隻是想起嶽父嶽母他們兩個老人家每天興奮地問他和沈清然什麼時候過去。
裴以渡還是不願傷了他們的心,至少在過年這個節骨眼上讓他們開心一下也好。
想了想,裴以渡還是決定和沈清然一起去海市。
他收拾好泡腳的一應用具就直接上床休息了,沒再搭理沈清然。
第二天兩人起了個大早,簡單收拾了下就準備去機場。
隻不過剛出門,沈清然就接到了顧宵珩的電話。
因著在車裏,沈清然是直接開的公放:
“清然,怎麼辦?我的車子突然拋錨了,這會兒我根本打不到車了!”
電話裏甚至還有顧盼盼軟糯的哭腔:“沈阿姨,你能不能來接接我和爸爸!”
沈清然用餘光看了眼裴以渡,見他並沒有什麼反應。
就安心地安慰了父女倆,直接做了決定:“別擔心,我這就過來接你!”
因為前幾天裴以渡眼睛不適在治療,所以這段時間一直是沈清然開車。
說著她就掛斷了電話,想也沒想地調轉了車頭。
裴以渡一個沒注意直接撞在了車窗上,疼得他齜牙咧嘴的。
正在專心開車的沈清然卻沒有發現。
很快,他們就來到了顧宵珩的小區,父女倆早就在小區門口翹首以盼了。
看到沈清然的車,顧宵珩想也沒想地就打開了裴以渡坐著的副駕駛,震驚地看著他:
“裴先生也在啊!”
隨後就對著裴以渡禮貌地笑了笑:
“我和盼盼都容易暈車,裴先生介意把副駕駛讓給我們嗎!”
沈清然還沒開口,裴以渡就已經解開了自己的安全帶:“不介意。
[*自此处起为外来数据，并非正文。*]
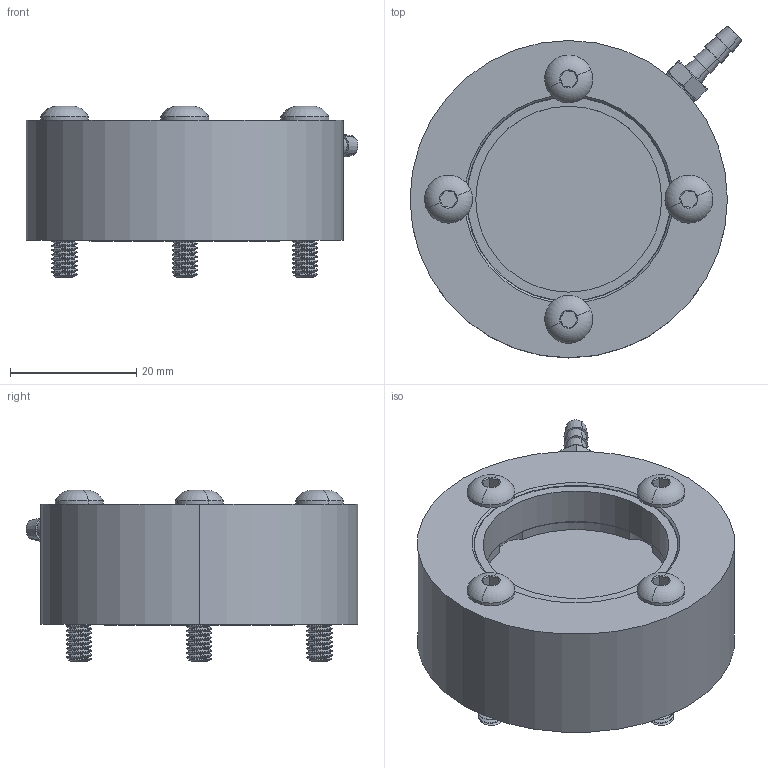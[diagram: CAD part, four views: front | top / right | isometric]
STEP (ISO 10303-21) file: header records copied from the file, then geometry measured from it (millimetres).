
FILE_DESCRIPTION (( 'STEP AP214' ), '1' );
FILE_NAME ('BBK-19-W.STEP', '2017-06-13T17:39:45', ( '' ), ( '' ), 'SwSTEP 2.0', 'SolidWorks 2017', '' );
FILE_SCHEMA (( 'AUTOMOTIVE_DESIGN' ));
Length unit declared in the file: inch
Products named in the file (1): BBK-19-W
Bounding box: 52.6 x 52.6 x 27.19 mm (x, y, z)
Volume: 35210.8 mm3; surface area: 14482 mm2
Topology: 10 solids, 10 shells, 695 faces, 1931 edges, 1270 vertices
Faces by surface type: cylinder 507, cone 93, plane 72, torus 12, bspline 11
Entity records: 35918 total; most frequent: CARTESIAN_POINT 20856, ORIENTED_EDGE 3862, DIRECTION 2457, EDGE_CURVE 1931, VERTEX_POINT 1270, AXIS2_PLACEMENT_3D 921, EDGE_LOOP 715, ADVANCED_FACE 695
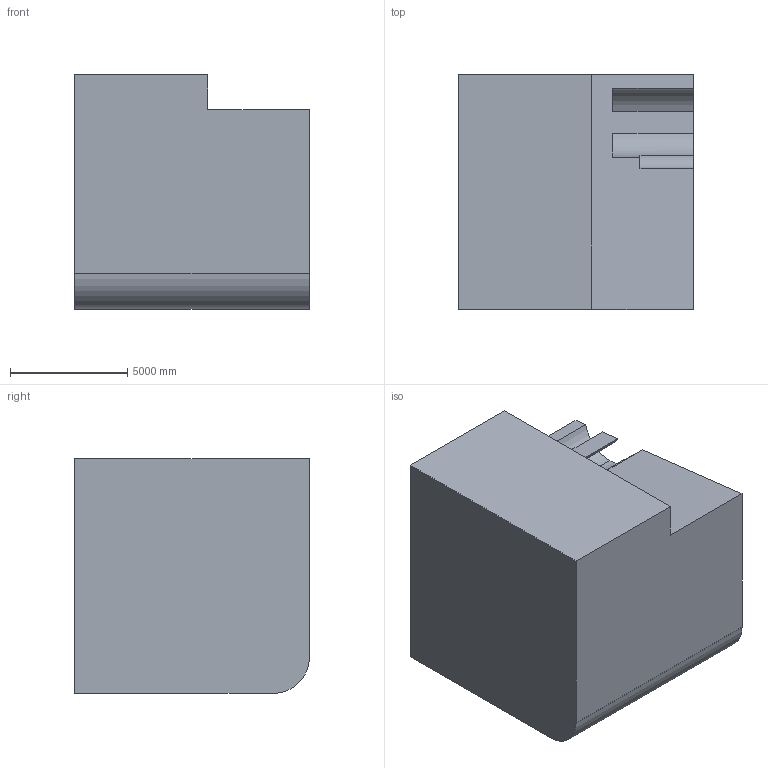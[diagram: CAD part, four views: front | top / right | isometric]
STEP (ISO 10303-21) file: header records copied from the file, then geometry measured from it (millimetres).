
FILE_DESCRIPTION (( 'STEP AP203' ), '1' );
FILE_NAME ('513.STEP', '2022-07-29T11:35:38', ( 'user' ), ( '' ), 'SwSTEP 2.0', 'SolidWorks 2021', '' );
FILE_SCHEMA (( 'CONFIG_CONTROL_DESIGN' ));
Length unit declared in the file: centimetre
Products named in the file (1): 513
Bounding box: 10000 x 10000 x 10000 mm (x, y, z)
Volume: 865705713615.3 mm3; surface area: 654260679.4 mm2
Topology: 1 solids, 1 shells, 29 faces, 75 edges, 50 vertices
Faces by surface type: plane 15, cylinder 14
Entity records: 1175 total; most frequent: CARTESIAN_POINT 359, DIRECTION 160, ORIENTED_EDGE 150, EDGE_CURVE 75, AXIS2_PLACEMENT_3D 59, VERTEX_POINT 50, VECTOR 42, LINE 42

”
說完麻溜地下了車坐到了後排。
沈清然奇怪地看著裴以渡沒有半點遲疑的動作,有些吃驚。
從前她和裴以渡開過玩笑,不允許別的女人坐他的副駕駛。
裴以渡非但沒有生氣,反而依葫蘆畫瓢也不允許別的男人坐她的副駕駛。
有一次她手癢想開車,便讓秘書坐了副駕駛。
裴以渡還在她耳邊嘮叨了小半個月。
如今怎麼讓得這麼幹脆了。
不過沈清然也沒有多想,很快就開著車子往機場出發。
顧宵珩上車的第一時間就打開了沈清然車子的前置收納盒,拿出了一個糖果遞給顧盼盼。
跟著又拿了一顆遞給裴以渡:“盼盼容易暈車,所以我常備了些糖果在清然車裏,裴先生要不要來一顆!”
麵對顧宵珩赤裸裸地炫耀,裴以渡隻是看破不說破。
“我不喜歡吃甜食。”淡淡地瞥了一眼顧宵珩,就閉上了眼睛不再說話了。
顧宵珩卻沒有停下手上的動作,直接剝開糖紙直接將這顆糖喂到了沈清然的嘴裏,還寵溺地說了一句:“你喜歡的口味!”
沈清然隻能乖乖含在嘴裏,眼睛時不時地瞟一眼後視鏡,想看看裴以渡的反應,卻什麼也沒有發現。
隻能自言自語地進行自我安慰:“還......還是宵珩想得周到!”
“早上開車困得慌,吃顆糖,正好......正好可以精神一下!”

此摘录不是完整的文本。